POSH: (S$0.36) 3Q15 results belies a possible turnaround?
PACC Offshore Services (POSH) 3Q15 net profit beat expectations despite slipping 14.1% y/y to US$12.6m, forming 40% of FY15 estimates. Excluding vessel sale gains, core earnings surged 293% to US$11.8m.
Revenue grew 19.9% to US$80.4m on better takings from its offshore accommodation (OA) and habour services and emergency response (HSER) units, pared by slippage in its offshore supply vessels (OSV) and transportation & installation (T&I) businesses.
Segmental performance:
1) OSV
Revenue: US$38m (-11.5%); gross profit: US$5.3m (-49.1%)
The poor performance in POSH’s OSV sector was attributable to lower charter and utilisation rates of 74% (3Q14: 83%).
2) OA
Revenue: US$26.9m (+199.8%; gross profit: US$10.9m (+235.2%)
The OA sector reported better performance on new contributions from its POSH Xanadu vessel as well as three new light construction vessels. This was partially offset by lower utilisation rates of existing vessels.
3) T&I
Revenue: US$7.2m (-26.2%; gross profit: US$0.8m (-74.8%)

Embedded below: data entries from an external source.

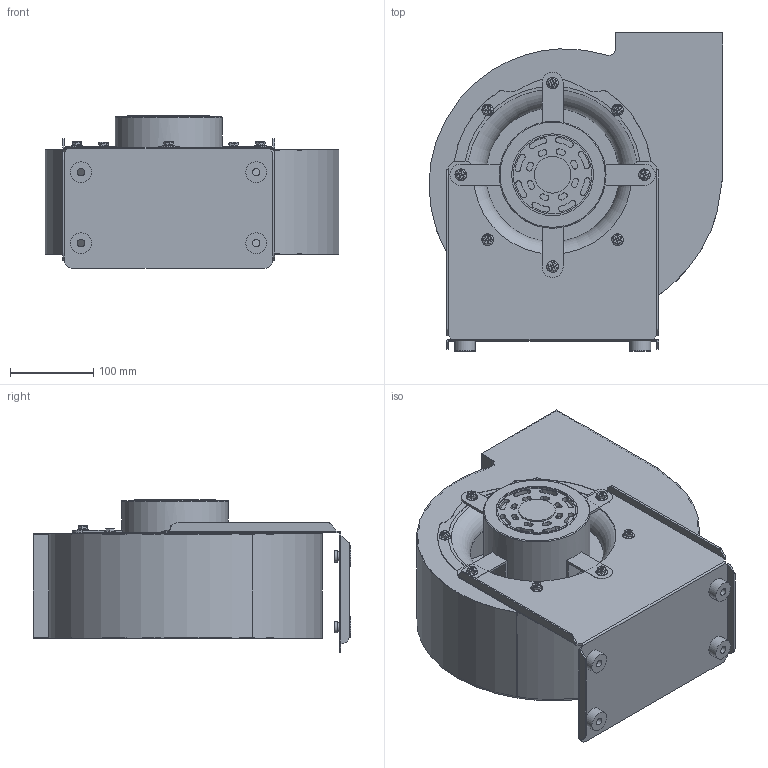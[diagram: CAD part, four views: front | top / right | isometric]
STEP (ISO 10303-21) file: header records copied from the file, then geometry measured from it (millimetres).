
FILE_DESCRIPTION(/* description */ ('Unknown'),/* implementation_level */ '2;1');
FILE_NAME(/* name */ 'CY200BK2P3V-M',/* time_stamp */ '2026-05-06T15:30:45+08:00',/* author */ ('Unknown'),/* organization */ ('Unknown'),/* preprocessor_version */ 'ST-DEVELOPER v20',/* originating_system */ 'Solid Edge',/* authorisation */ 'Unknown');
FILE_SCHEMA (('AUTOMOTIVE_DESIGN {1 0 10303 214 3 1 1}'));
Length unit declared in the file: millimetre
Products named in the file (8): CY200BK2P3V-M; CY200B-01-2; CY200N-08; CY200BK-07; M6 乖櫳?; JM190N2P3-EG; M6x1.0X10L 有頭外六; CYDM-08-2-NOVA
Assembly tree (17 placements, depth 2):
  CY200BK2P3V-M
    CY200B-01-2
    CY200N-08
    CY200BK-07
    M6 乖櫳?
    JM190N2P3-EG
    M6x1.0X10L 有頭外六  x8
    CYDM-08-2-NOVA  x4
Bounding box: 352.25 x 381 x 182.5 mm (x, y, z)
Volume: 2310990.3 mm3; surface area: 934289 mm2
Topology: 17 solids, 17 shells, 684 faces, 1654 edges, 1072 vertices
Faces by surface type: cylinder 322, plane 318, bspline 22, torus 22
Full cylindrical faces by diameter (mm): 4.917 x8, 6.5 x9, 8 x5, 9 x4, 11 x4, 12 x1, 12.1 x4, 14 x5, 25 x4, 44 x2, 94 x2, 98 x2, 128 x1, 205 x1
Entity records: 14429 total; most frequent: CARTESIAN_POINT 4651, DIRECTION 2145, ORIENTED_EDGE 1800, EDGE_CURVE 900, AXIS2_PLACEMENT_3D 869, VERTEX_POINT 616, EDGE_LOOP 556, FACE_BOUND 556
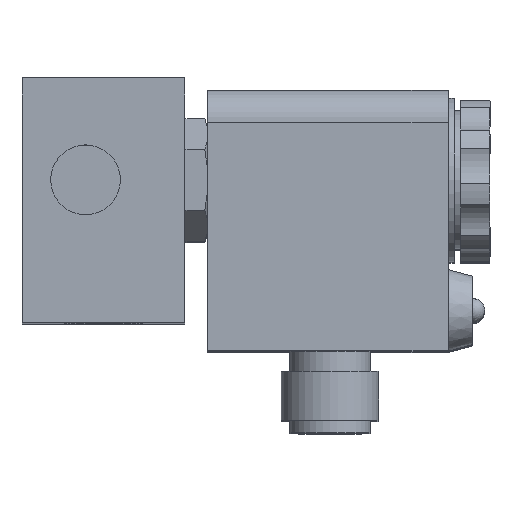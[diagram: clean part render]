
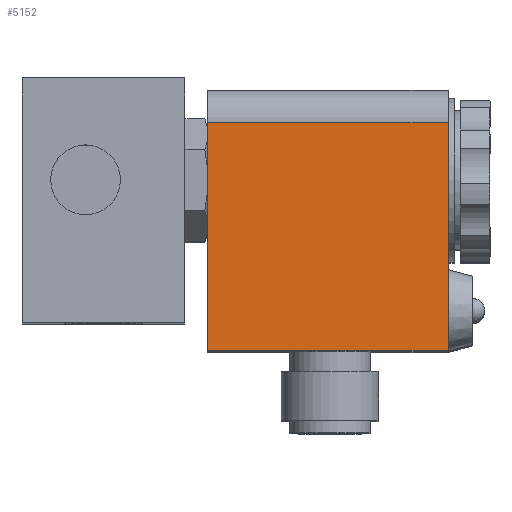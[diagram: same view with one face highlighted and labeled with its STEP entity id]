
A CAD part, top view. The second image highlights one B-rep face of the part: STEP entity #5152.
In plain terms, the highlighted planar face has unit normal (0, 0, 1) as drawn and (0, -1, 0) by its records, which use the part's own axes.
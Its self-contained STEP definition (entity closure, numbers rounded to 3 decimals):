
#1622 = CARTESIAN_POINT ( 'NONE',  ( -7., -11., 29.5 ) ) ;
#2106 = VERTEX_POINT ( 'NONE', #2398 ) ;
#2107 = VERTEX_POINT ( 'NONE', #1622 ) ;
#2294 = VERTEX_POINT ( 'NONE', #26168 ) ;
#2398 = CARTESIAN_POINT ( 'NONE',  ( 21., -11., 29.5 ) ) ;
#2647 = VERTEX_POINT ( 'NONE', #10709 ) ;
#3465 = EDGE_CURVE ( 'NONE', #2647, #2106, #9960, .T. ) ;
#3473 = EDGE_CURVE ( 'NONE', #2106, #2107, #9970, .T. ) ;
#3478 = EDGE_CURVE ( 'NONE', #2294, #2107, #9971, .T. ) ;
#3480 = EDGE_CURVE ( 'NONE', #2647, #2294, #9968, .T. ) ;
#4514 = EDGE_LOOP ( 'NONE', ( #9508, #9509, #9510, #9511 ) ) ;
#5152 = ADVANCED_FACE ( 'NONE', ( #21946 ), #20789, .T. ) ;
#9508 = ORIENTED_EDGE ( 'NONE', *, *, #3473, .T. ) ;
#9509 = ORIENTED_EDGE ( 'NONE', *, *, #3478, .F. ) ;
#9510 = ORIENTED_EDGE ( 'NONE', *, *, #3480, .F. ) ;
#9511 = ORIENTED_EDGE ( 'NONE', *, *, #3465, .T. ) ;
#9928 = VECTOR ( 'NONE', #12756, 1000. ) ;
#9960 = LINE ( 'NONE', #12755, #9928 ) ;
#9968 = LINE ( 'NONE', #12792, #9981 ) ;
#9970 = LINE ( 'NONE', #12772, #9973 ) ;
#9971 = LINE ( 'NONE', #12787, #9982 ) ;
#9973 = VECTOR ( 'NONE', #12773, 1000. ) ;
#9981 = VECTOR ( 'NONE', #12793, 1000. ) ;
#9982 = VECTOR ( 'NONE', #12788, 1000. ) ;
#10709 = CARTESIAN_POINT ( 'NONE',  ( 21., -11., 0. ) ) ;
#12755 = CARTESIAN_POINT ( 'NONE',  ( 21., -11., 0. ) ) ;
#12756 = DIRECTION ( 'NONE',  ( 0., 0., 1. ) ) ;
#12772 = CARTESIAN_POINT ( 'NONE',  ( 21., -11., 29.5 ) ) ;
#12773 = DIRECTION ( 'NONE',  ( -1., 0., 0. ) ) ;
#12787 = CARTESIAN_POINT ( 'NONE',  ( -7., -11., 0. ) ) ;
#12788 = DIRECTION ( 'NONE',  ( 0., 0., 1. ) ) ;
#12792 = CARTESIAN_POINT ( 'NONE',  ( 21., -11., 0. ) ) ;
#12793 = DIRECTION ( 'NONE',  ( -1., 0., 0. ) ) ;
#19172 = AXIS2_PLACEMENT_3D ( 'NONE', #20788, #20790, #20791 ) ;
#20788 = CARTESIAN_POINT ( 'NONE',  ( 21., -11., 0. ) ) ;
#20789 = PLANE ( 'NONE',  #19172 ) ;
#20790 = DIRECTION ( 'NONE',  ( 0., -1., 0. ) ) ;
#20791 = DIRECTION ( 'NONE',  ( 0.707, 0., 0.707 ) ) ;
#21946 = FACE_OUTER_BOUND ( 'NONE', #4514, .T. ) ;
#26168 = CARTESIAN_POINT ( 'NONE',  ( -7., -11., 0. ) ) ;
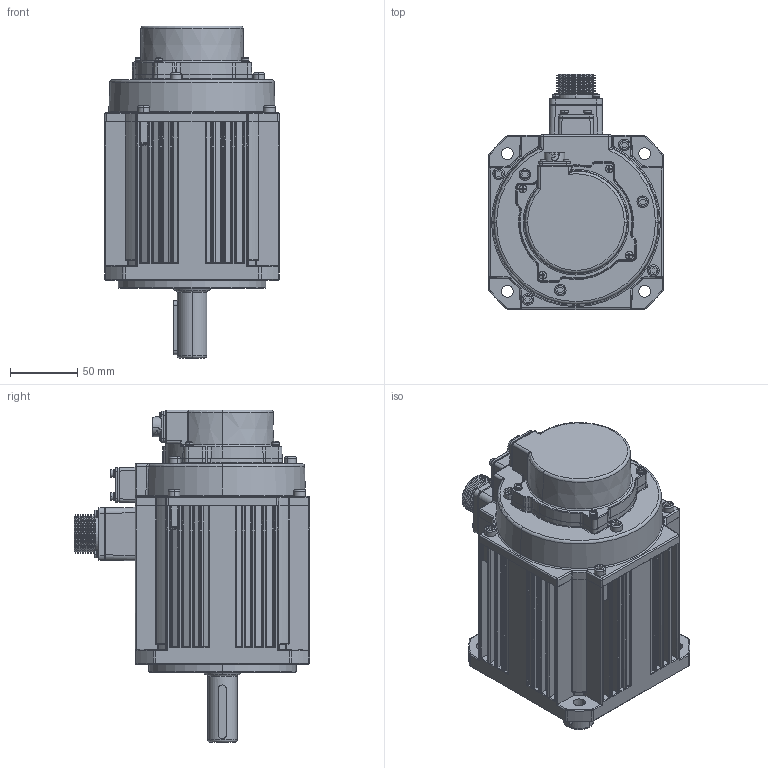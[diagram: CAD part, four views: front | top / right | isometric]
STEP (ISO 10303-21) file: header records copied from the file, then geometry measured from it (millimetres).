
FILE_DESCRIPTION (( 'STEP AP203' ), '1' );
FILE_NAME ('G3-130-11.46NM刹车电机三维图.STEP', '2022-12-19T06:40:24', ( '微软用户' ), ( '微软中国' ), 'SwSTEP 2.0', 'SolidWorks 2016', '' );
FILE_SCHEMA (( 'CONFIG_CONTROL_DESIGN' ));
Products named in the file (1): G3-130-11.46NM刹车电机三维图
Bounding box: 130 x 175.3 x 247.5 mm (x, y, z)
Volume: 732996.4 mm3; surface area: 332355 mm2
Topology: 35 solids, 35 shells, 3417 faces, 8545 edges, 5310 vertices
Faces by surface type: plane 1101, cylinder 996, cone 576, bspline 333, torus 307, sphere 104
Entity records: 114828 total; most frequent: CARTESIAN_POINT 34893, ORIENTED_EDGE 16822, DIRECTION 16690, EDGE_CURVE 8411, AXIS2_PLACEMENT_3D 6388, VERTEX_POINT 5278, VECTOR 3914, LINE 3914

T&I’s weak performance was down to lower charter and utilisation rates.
4) HSER
Revenue: US$8.2m (+55.7%); gross profit: US$1.3m (+297%)
Higher contribution was mainly due to a salvage job during the quarter.
Earnings was crimped by the absence of gains on vessel disposal of US$11.6m recognised in 3Q14 but this was partially mitigated by positive contributions from POSH Terasea JV of US$0.9m (3Q14: US$5.7m loss).
Balance sheet is sound with stable gearing of 45.6%. Moving forward, the group has 14 vessels under construction/order with expected delivery by mid ‘17. It will take delivery of two vessels (an SSAV and a floating crane barge) in 4Q15.
Maybank-KE notes that POSH’s FY16 performance will hinge on its ability to secure a charter for the new SSAV (POSH Arcadia) by 2Q16.
In light of depressed oil prices, oil majors have cut capex budgets, deferring oil exploration and field-development activities. Coupled with the vessel oversupply situation, charter rates and utilisation rates will remain subdued for an extended period.
As such, the house has cut its TP to $0.50 to $0.65 to reflect a longer downturn.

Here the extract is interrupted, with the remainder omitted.